[Stored records]
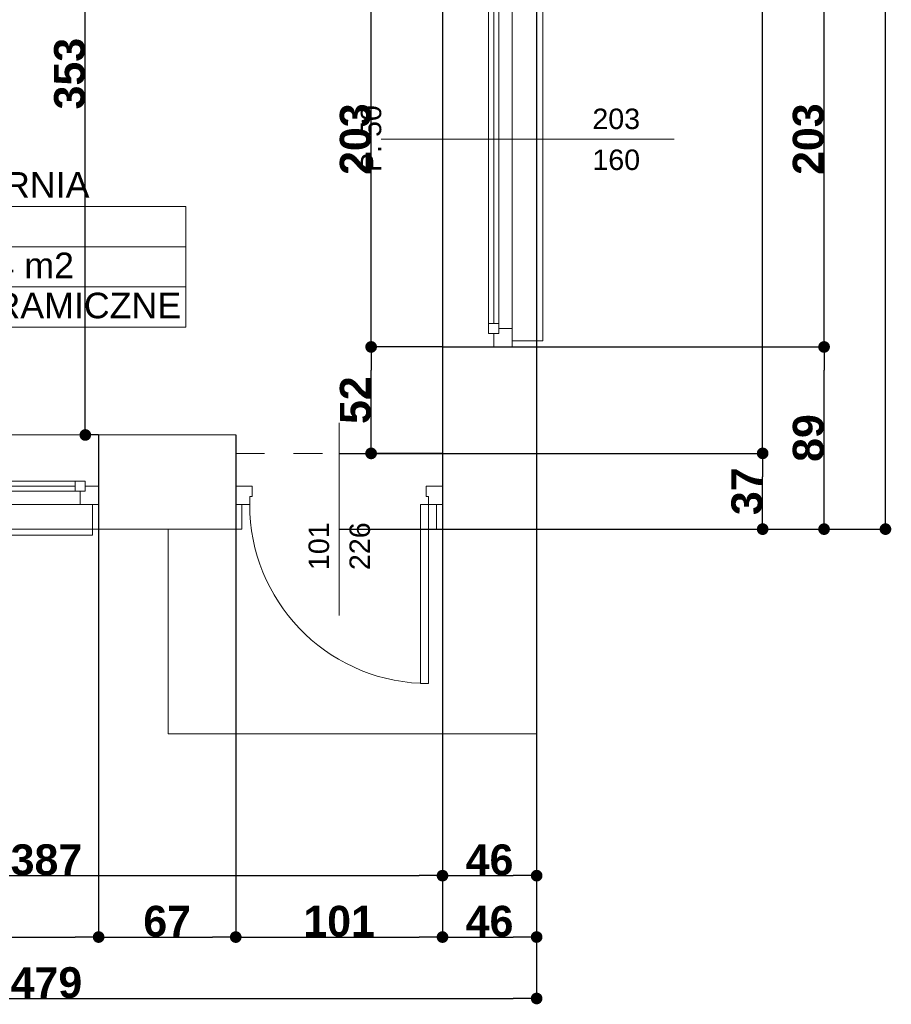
# Model space of a CAD drawing. Header units: millimetres. Extents: x 183299 to 1018155, y -286688 to 171278.
# Tile 35 of 100: x 373394 to 377653, y -94110 to -89300. Entities that reach past the tile are written whole.
import ezdxf
from ezdxf.enums import TextEntityAlignment as Align

# ---------------------------------------------------------------- set-up
doc = ezdxf.new("R2010")
doc.units = ezdxf.units.MM
doc.header["$MEASUREMENT"] = 0
doc.linetypes.add('Przerywana', pattern=[282.222223, 141.111112, -141.111112])
doc.linetypes.add('Wipeout_Contour', pattern=[1000, 0, -1000])
for name, color, linetype in [('Drzwi ArchiCAD', 7, 'Continuous'), ('Elementy Modelu - Strefy', 7, 'Continuous'), ('inwentaryzacja_sciany', 7, 'Continuous'), ('Okna ArchiCADa', 7, 'Continuous'), ('Wymiarowanie - Ogólne', 7, 'Continuous'), ('Znaczniki Drzwi', 7, 'Continuous'), ('Znaczniki Okien', 7, 'Continuous')]:
    doc.layers.add(name, color=color, linetype=linetype)
for name, color, linetype, lineweight in [('Drzwi ArchiCAD_Nr_Pióra__1', 7, 'Continuous', 13), ('Elementy Modelu - Strefy_Nr_Pióra__6', 250, 'Continuous', 18), ('inwentaryzacja_sciany_Nr_Pióra__1', 7, 'Continuous', 13), ('Okna ArchiCADa_Nr_Pióra__1', 7, 'Continuous', 13), ('Znaczniki Drzwi_Nr_Pióra__1', 7, 'Continuous', 13), ('Znaczniki Drzwi_Nr_Pióra__7', 7, 'Continuous', 35), ('Znaczniki Okien_Nr_Pióra__1', 7, 'Continuous', 13), ('Znaczniki Okien_Nr_Pióra__7', 7, 'Continuous', 35)]:
    doc.layers.add(name, color=color, linetype=linetype, lineweight=lineweight)
for name, color, linetype, lineweight, true_color in [('Drzwi ArchiCAD_Nr_Pióra__23', 7, 'Continuous', 20, 0xff6600), ('Drzwi ArchiCAD_Nr_Pióra__3', 7, 'Continuous', 18, 0xff6600), ('Okna ArchiCADa_Nr_Pióra__23', 7, 'Continuous', 20, 0xff6600), ('Okna ArchiCADa_Nr_Pióra__3', 7, 'Continuous', 18, 0xff6600)]:
    doc.layers.add(name, color=color, linetype=linetype, lineweight=lineweight, true_color=true_color)
doc.styles.add('GENERATED_STYLE_1', font='arial.ttf')
doc.styles.add('GENERATED_STYLE_2', font='arialbd.ttf')
doc.styles.get("Standard").update_dxf_attribs({"font": 'txt', "bigfont": 'BIGFONT.SHX'})
doc.dimstyles.new('GENERATED_STYLE__1', dxfattribs={"dimtxt": 150, "dimasz": 114, "dimexe": 0.18, "dimexo": 0, "dimgap": 0.09, "dimtad": 1, "dimtih": 1, "dimtoh": 1, "dimdec": 0, "dimlfac": 0.1, "dimzin": 0, "dimdsep": 46, "dimtxsty": 'GENERATED_STYLE_2', "dimblk": 'ARROWHEAD_11', "dimblk1": 'ARROWHEAD_11', "dimblk2": 'ARROWHEAD_11', "dimcen": 0.09, "dimclrd": 256, "dimclre": 256, "dimclrt": 256, "dimazin": 0, "dimtfac": 1, "dimtdec": 4, "dimtmove": 0, "dimatfit": 3, "dimfxl": 1, "dimtolj": 1, "dimtzin": 0, "dimarcsym": 0})
doc.dimstyles.new('GENERATED_STYLE__2', dxfattribs={"dimtxt": 150, "dimasz": 114, "dimexe": 0.18, "dimexo": 0, "dimgap": 0.09, "dimtad": 1, "dimdec": 0, "dimlfac": 0.1, "dimzin": 0, "dimdsep": 46, "dimtxsty": 'GENERATED_STYLE_2', "dimblk": 'ARROWHEAD_11', "dimblk1": 'ARROWHEAD_11', "dimblk2": 'ARROWHEAD_11', "dimcen": 0.09, "dimclrd": 256, "dimclre": 256, "dimclrt": 256, "dimazin": 0, "dimtfac": 1, "dimtdec": 4, "dimtmove": 0, "dimatfit": 3, "dimfxl": 1, "dimtolj": 1, "dimtzin": 0, "dimarcsym": 0})

# ---------------------------------------------------------------- blocks, each defined once
blk = doc.blocks.new('PORTIERNIA_J.1_168_2', base_point=(198094, -90509.1))
at = {"layer": 'Elementy Modelu - Strefy_Nr_Pióra__6', "linetype": 'Continuous'}
for p, q in [((197325.2, -90312.6), (198862.9, -90312.6)), ((197325.2, -90509.1), (197325.2, -90312.6)), ((198862.9, -90312.6), (198862.9, -90509.1)), ((198862.9, -90509.1), (197325.2, -90509.1)), ((197325.2, -90509.1), (198862.9, -90509.1)), ((197325.2, -90705.5), (197325.2, -90509.1)), ((198862.9, -90509.1), (198862.9, -90705.5)), ((198862.9, -90705.5), (197325.2, -90705.5)), ((197325.2, -90705.5), (198862.9, -90705.5)), ((197325.2, -90901.9), (197325.2, -90705.5)), ((198862.9, -90705.5), (198862.9, -90901.9)), ((198862.9, -90901.9), (197325.2, -90901.9))]:
    blk.add_line(p, q, dxfattribs=at)
at = {"linetype": 'Continuous', "flags": 1}
for tag in ['ROOM_AREA', 'ROOM_PERIM', 'ROOM_WALLS_SURF', 'ROOM_DOORS_SURF', 'ROOM_WINDS_SURF', 'ROOM_BASELEV', 'ROOM_HEIGHT', 'ROOM_NET_AREA', 'ROOM_REDUCED_AREA', 'ROOM_CALC_AREA', 'ROOM_VOLUME']:
    blk.add_attdef(tag, text='', height=2000, dxfattribs=at).set_placement((198094, -91542.2), align=Align.BOTTOM_LEFT)
at = {"layer": 'Elementy Modelu - Strefy_Nr_Pióra__6', "linetype": 'Continuous', "insert": (197375.2, -90537.6), "char_height": 125, "attachment_point": 1, "style": 'GENERATED_STYLE_1'}
blk.add_mtext('{A: 16,84 m2}', dxfattribs=at)
at = {"layer": 'Elementy Modelu - Strefy_Nr_Pióra__6', "style": 'GENERATED_STYLE_1'}
for tag, p in [('ROOM_NAME', (197325.2, -90306.7)), ('ROOM_NUMBER', (197375.2, -90503.1)), ('basec', (197375.2, -90896))]:
    blk.add_attdef(tag, text='', height=125, dxfattribs=at).set_placement(p, align=Align.BOTTOM_LEFT)
blk = doc.blocks.new('O1 rozwierane 12_136')
at = {"layer": 'Okna ArchiCADa_Nr_Pióra__1', "linetype": 'Continuous'}
for p, q in [((-865, 0), (-865, -90)), ((-835, 0), (-865, 0)), ((835, 0), (865, 0)), ((865, 0), (865, -90))]:
    blk.add_line(p, q, dxfattribs=at)
at = {"layer": 'Okna ArchiCADa_Nr_Pióra__23', "linetype": 'Continuous'}
for p, q in [((-865, 0), (-865, -90)), ((865, -90), (865, 0)), ((-865, -90), (-800, -90)), ((-800, -90), (-800, -65)), ((-800, -65), (-800, -115)), ((800, -65), (800, -90)), ((800, -115), (800, -65)), ((800, -90), (865, -90))]:
    blk.add_line(p, q, dxfattribs=at)
at = {"layer": 'Okna ArchiCADa_Nr_Pióra__3', "linetype": 'Continuous'}
for p, q in [((-835, 120), (-835, 150)), ((-835, 150), (835, 150)), ((835, 150), (835, 120)), ((-835, 120), (835, 120)), ((-865, -340), (865, -340)), ((-865, -340), (865, -340))]:
    blk.add_line(p, q, dxfattribs=at)
at = {"linetype": 'Wipeout_Contour', "ltscale": 6126.733884}
blk.add_wipeout([(750, -115), (750, -65), (775, -65), (775, 0), (-775, 0), (-775, -65), (-750, -65), (-750, -115)], dxfattribs=at).dxf.layer = 'Okna ArchiCADa'
at = {"layer": 'Okna ArchiCADa_Nr_Pióra__23', "linetype": 'Continuous'}
for p, q in [((-775, 0), (-865, 0)), ((-775, -65), (-775, 0)), ((865, 0), (775, 0)), ((775, 0), (775, -65)), ((-800, -65), (-775, -65)), ((-750, -65), (-800, -65)), ((-750, -115), (-750, -65)), ((800, -65), (750, -65)), ((750, -65), (750, -115)), ((775, -65), (800, -65)), ((-800, -115), (-750, -115)), ((750, -115), (800, -115))]:
    blk.add_line(p, q, dxfattribs=at)
at = {"layer": 'Okna ArchiCADa_Nr_Pióra__3', "linetype": 'Continuous'}
for p, q in [((775, 0), (-775, 0)), ((-750, -65), (750, -65)), ((-750, -90), (750, -90)), ((-750, -115), (750, -115)), ((-750, -115), (750, -115))]:
    blk.add_line(p, q, dxfattribs=at)
blk = doc.blocks.new('Znacznik O 12_4')
at = {"layer": 'Znaczniki Okien_Nr_Pióra__1', "linetype": 'Continuous'}
blk.add_line((0, -1131.4), (0, 300), dxfattribs=at)
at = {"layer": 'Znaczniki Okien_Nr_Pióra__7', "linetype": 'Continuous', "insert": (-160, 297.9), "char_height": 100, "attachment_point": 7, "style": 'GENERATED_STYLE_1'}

Goal of the exercise: The answer must be every line of the data that holds the word "ezdxf".

Result for this exercise:
import ezdxf
from ezdxf.enums import TextEntityAlignment as Align
doc = ezdxf.new("R2010")
doc.units = ezdxf.units.MM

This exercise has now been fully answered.